Gillette Pakistan Formally Applies for Delisting as P&G Shifts to Distributor Model

KARACHI: Gillette Pakistan Limited has formally applied to the Pakistan Stock Exchange (PSX) for delisting and approval to purchase shares held by minority shareholders, following its parent company Procter & Gamble’s (P&G) decision to restructure its operations in Pakistan.

According to a notice issued to the exchange on Thursday, P&G’s subsidiary SABV, which owns 91.72% of Gillette Pakistan’s shareholding, has initiated the buyback process to acquire the remaining 8.28% shares — equivalent to 2,638,059 shares — from minority shareholders at a minimum price of Rs216.49 per share, determined under Regulation 5.14.1 of the PSX Rulebook.
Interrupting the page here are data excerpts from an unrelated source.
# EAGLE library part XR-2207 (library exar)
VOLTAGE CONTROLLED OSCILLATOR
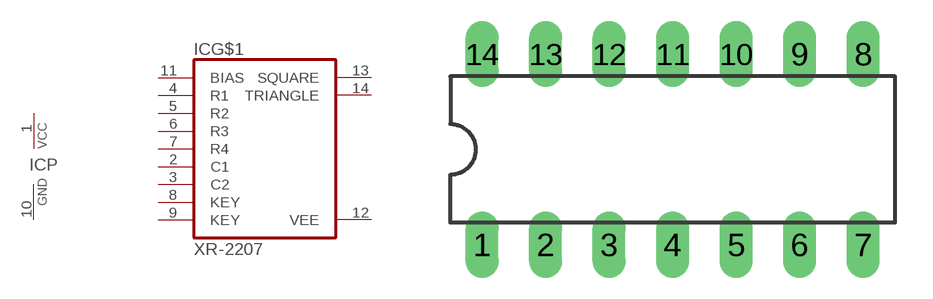
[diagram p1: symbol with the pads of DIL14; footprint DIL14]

Designator prefix IC; gates G$1=XR-2207 P=PWRN

## XR-2207 (OC_FARNELL: unknown; OC_NEWARK: unknown)  [DIL14]
1  P:VCC  pwr
2  G$1:C1  in
3  G$1:C2  in
4  G$1:R1  in
5  G$1:R2  in
6  G$1:R3  in
7  G$1:R4  in
8  G$1:KEY  in
9  G$1:KEY  in
10  P:GND  pwr
11  G$1:BIAS  in
12  G$1:VEE  pwr
13  G$1:SQUARE  out
14  G$1:TRIANGLE  out

## Footprint DIL14 (pad centres in mm)
Dual In Line Package
drill 0.813 long: 1 -7.62,-3.81; 2 -5.08,-3.81; 3 -2.54,-3.81; 4 0,-3.81; 5 2.54,-3.81; 6 5.08,-3.81; 7 7.62,-3.81; 8 7.62,3.81; 9 5.08,3.81; 10 2.54,3.81; 11 0,3.81; 12 -2.54,3.81; 13 -5.08,3.81; 14 -7.62,3.81

“The proposed delisting is a consequence of P&G’s global efforts to accelerate growth and value creation,” the notice stated. “The company has decided to shift its business and operating model in Pakistan and transition to a third-party distributor model to continue to serve consumers.”

As part of this transition, Gillette Pakistan will wind down its manufacturing and commercial operations, making its continued listing on the PSX inconsistent with P&G’s global business strategy. Arif Habib Limited has been appointed as the purchase agent for the delisting process.

Gillette Pakistan’s authorised share capital stands at Rs400 million, divided into 40 million ordinary shares of Rs10 each, with 31.87 million shares issued and fully paid-up.